Holding the Union Together When the Economy is Coming Apart

Holding the Union Together When the Economy is Coming Apart

I joined the Carpenters Union in Portland, Oregon, in the spring of 1975. At the time, I was one of twenty-two million union members, representing nearly 29 percent of the nation’s work force. Today, despite substantial growth in the size of the working population, seven million fewer workers belong to unions. We now represent just over 12 percent of the work force.

My thirty-five year tenure has coincided with one of the most dramatic transformations of America’s economic and social structure. For the vast majority of workers, incomes have either stagnated or declined, and the only reason family income has risen slightly is that there are so many more dual-income-earning households. Economic inequality is now as high as it was before the Great Depression.

Of course, I didn’t know this would happen when I started serving my apprenticeship. Not long after I joined, I moved to Boston where entry into the Carpenters locals was more difficult. The union was, to large degree, a father-son affair, with membership guarded as tightly as access to rent-controlled apartments in New York City. I benefited from a provision in the union constitution that required every local union to accept any existing member who wished to transfer locals and picked Carpenters Local 40 only because a friend of a friend was already a member.

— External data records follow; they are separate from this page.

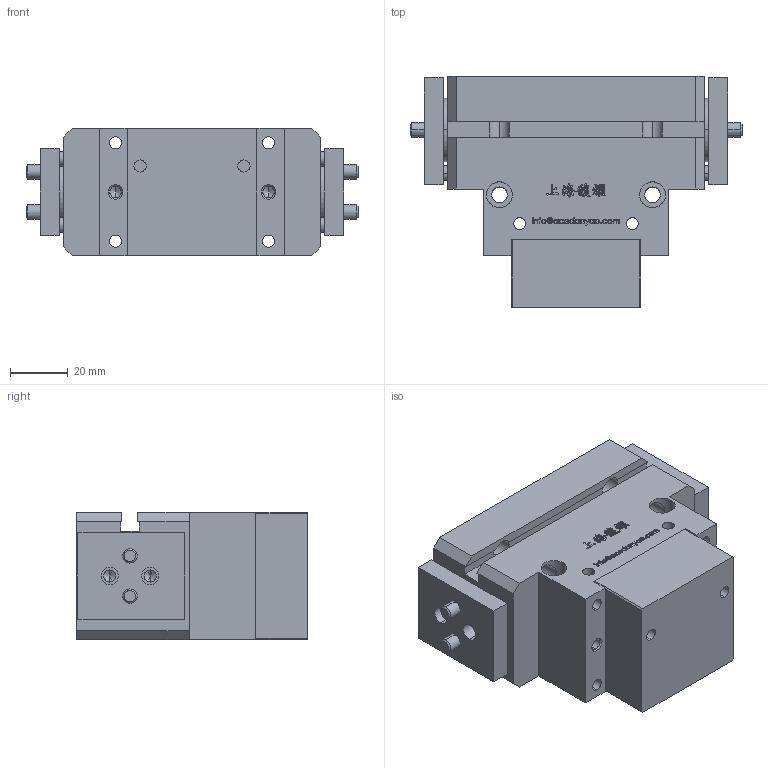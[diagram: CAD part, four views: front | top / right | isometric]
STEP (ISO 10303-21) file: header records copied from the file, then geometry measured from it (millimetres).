
FILE_DESCRIPTION (( 'STEP AP203' ), '1' );
FILE_NAME ('SRO-80-MA&MC-原始檔-組合-W106.04.20.STEP', '2017-04-20T08:23:00', ( 'DanyaoCAD' ), ( '' ), 'SwSTEP 2.0', 'SolidWorks 2016', '' );
FILE_SCHEMA (( 'CONFIG_CONTROL_DESIGN' ));
Length unit declared in the file: millimetre
Products named in the file (4): Griffa; Fondello; Corpo; SRO-80-MA&MC-原始檔-組合-W106.04.20
Assembly tree (4 placements, depth 2):
  SRO-80-MA&MC-原始檔-組合-W106.04.20
    Griffa  x2
    Fondello
    Corpo
Bounding box: 115 x 80 x 44 mm (x, y, z)
Volume: 245383.6 mm3; surface area: 60677.1 mm2
Topology: 4 solids, 4 shells, 1000 faces, 2770 edges, 1828 vertices
Faces by surface type: bspline 640, plane 234, cylinder 94, cone 32
Entity records: 47968 total; most frequent: CARTESIAN_POINT 27134, ORIENTED_EDGE 5352, EDGE_CURVE 2676, DIRECTION 2184, VERTEX_POINT 1778, B_SPLINE_CURVE_WITH_KNOTS 1312, VECTOR 1200, LINE 1200

The Boston locals were then almost completely white and male. Ethnicity reflected the area’s white working-class population. There was an Irish local in Dorchester; mine was made up of descendants of immigrants from Nova Scotia and Newfoundland as well as Ireland and Italy. Monthly union meetings were short on information and long on alcohol and opportunities to catch up with old friends.

Although I was an outsider, I loved being a union carpenter. Classroom apprenticeship training was mediocre, but the on-the-job opportunity to learn a craft from gifted carpenters was endless. Every apprentice learned to incorporate approaches, styles, and tricks of the trade from the older men in the crew. Some of the veterans were more skilled at rough carpentry, some at finish work. Newcomers were advised to “look, listen, and learn.” Since our job inevitably involved taking and filling the coffee orders, we all got the chance to watch and talk to every carpenter on every project to see how he approached the particular task at hand. I learned how to be a trade unionist from these men, how to value skill among peers, how to distinguish between good and bad foremen, and how to appreciate the integrity of a dangerous but rewarding occupation that provided a powerful sense of self-esteem in a culture that routinely devalued blue-collar workers.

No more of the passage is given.